Prof. Ohad Birk’s team identifies mutations
in two different Bedouin tribes
Intestinal obstructions have many causes, some of which are genetic. In extreme cases, such as in some instances of cystic fibrosis (CF), intestinal blockages are found even at birth. Ben-Gurion University of the Negev and Soroka University Medical Center Prof. Ohad Birk’s research group has discovered mutations in the gene GUCY2C that lead to intestinal blockages in newborns. An article describing the research was published online on Thursday in the prestigious American Journal of Human Genetics.
Mutations in GUCY2C that abrogate its function were identified in two different Bedouin tribes in the Negev where there were instances of intestinal obstructions in newborns without any evidence of CF. The GUCY2C gene is known to activate the gene for CF. It expresses solely in the intestine. Therefore, mutations that impair its function inactivate the functioning of the gene for CF solely in the intestine, causing obstructions in newborns without any of the other effects of CF.
Mutations in the GUCY2C gene might serve to protect against diarrheal infections such as E.coli. Unlike normal laboratory mice that die of severe diarrhea when infected with E.coli bacteria, mice with a GUCY2C mutation do not. Apparently, the mutation might have evolved in the Bedouin to make them more immune to diarrheal diseases and the loss of fluids in their harsh desert clime. Interestingly, a concurrent publication of another research group has discovered that a different mutation in the same gene causes an opposite effect, increasing its activity and leading to diarrhea in newborns. Thus, different mutations in the same gene apparently govern the tendency towards intestinal obstruction or diarrhea in extreme cases.

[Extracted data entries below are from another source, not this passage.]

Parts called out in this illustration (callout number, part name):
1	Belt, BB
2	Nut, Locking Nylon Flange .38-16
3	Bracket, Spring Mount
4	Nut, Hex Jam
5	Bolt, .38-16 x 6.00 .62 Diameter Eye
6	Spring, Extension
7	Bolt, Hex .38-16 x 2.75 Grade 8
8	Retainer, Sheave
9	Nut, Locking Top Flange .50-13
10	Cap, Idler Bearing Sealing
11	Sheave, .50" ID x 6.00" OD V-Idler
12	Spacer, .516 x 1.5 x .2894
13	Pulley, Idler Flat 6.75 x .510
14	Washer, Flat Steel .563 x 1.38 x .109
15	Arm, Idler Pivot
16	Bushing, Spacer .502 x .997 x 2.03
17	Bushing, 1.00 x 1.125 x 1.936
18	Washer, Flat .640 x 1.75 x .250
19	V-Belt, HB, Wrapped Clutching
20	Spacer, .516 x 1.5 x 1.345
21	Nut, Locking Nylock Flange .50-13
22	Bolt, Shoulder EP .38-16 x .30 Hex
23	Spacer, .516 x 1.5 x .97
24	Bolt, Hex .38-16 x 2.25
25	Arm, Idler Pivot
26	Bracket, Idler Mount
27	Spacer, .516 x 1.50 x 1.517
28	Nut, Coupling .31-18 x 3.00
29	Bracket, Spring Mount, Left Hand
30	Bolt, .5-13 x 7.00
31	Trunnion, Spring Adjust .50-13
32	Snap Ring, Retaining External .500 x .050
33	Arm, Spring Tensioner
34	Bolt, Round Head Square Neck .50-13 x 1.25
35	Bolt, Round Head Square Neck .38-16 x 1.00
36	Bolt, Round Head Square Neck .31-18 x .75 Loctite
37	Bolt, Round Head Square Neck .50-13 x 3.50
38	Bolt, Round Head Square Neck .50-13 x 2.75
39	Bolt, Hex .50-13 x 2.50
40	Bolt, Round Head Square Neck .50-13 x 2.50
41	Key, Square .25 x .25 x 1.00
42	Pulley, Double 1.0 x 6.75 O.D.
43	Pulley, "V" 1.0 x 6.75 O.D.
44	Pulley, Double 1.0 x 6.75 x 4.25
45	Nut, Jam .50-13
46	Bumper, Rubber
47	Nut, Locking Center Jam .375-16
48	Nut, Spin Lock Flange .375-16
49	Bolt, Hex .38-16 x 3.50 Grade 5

Prof. Birk’s group is continuing the research to determine whether more subtle changes in this gene control the tendency to diarrhea or constipation in the population at large.
The article emerged from the doctoral research of Dr. Hila Romi in Birk’s research group. Birk is the Head of the Genetics Institute at Soroka University Medical Center and the Head of The Morris Kahn Laboratory of Human Genetics, National Institute for Biotechnology in the Negev (NIBN) at BGU. In addition to the laboratory team, Drs. Daniella Landau, Baruch Yerushalmi, Suleiman Al-Krinawi and Nitza Newman-Heiman also took part in the research. The research was supported through a grant of the Cystic Fibrosis Foundation and the Kahn Foundation.
So far, Birk’s research group has discovered the genetic mutations leading to more than 20 diseases in human beings.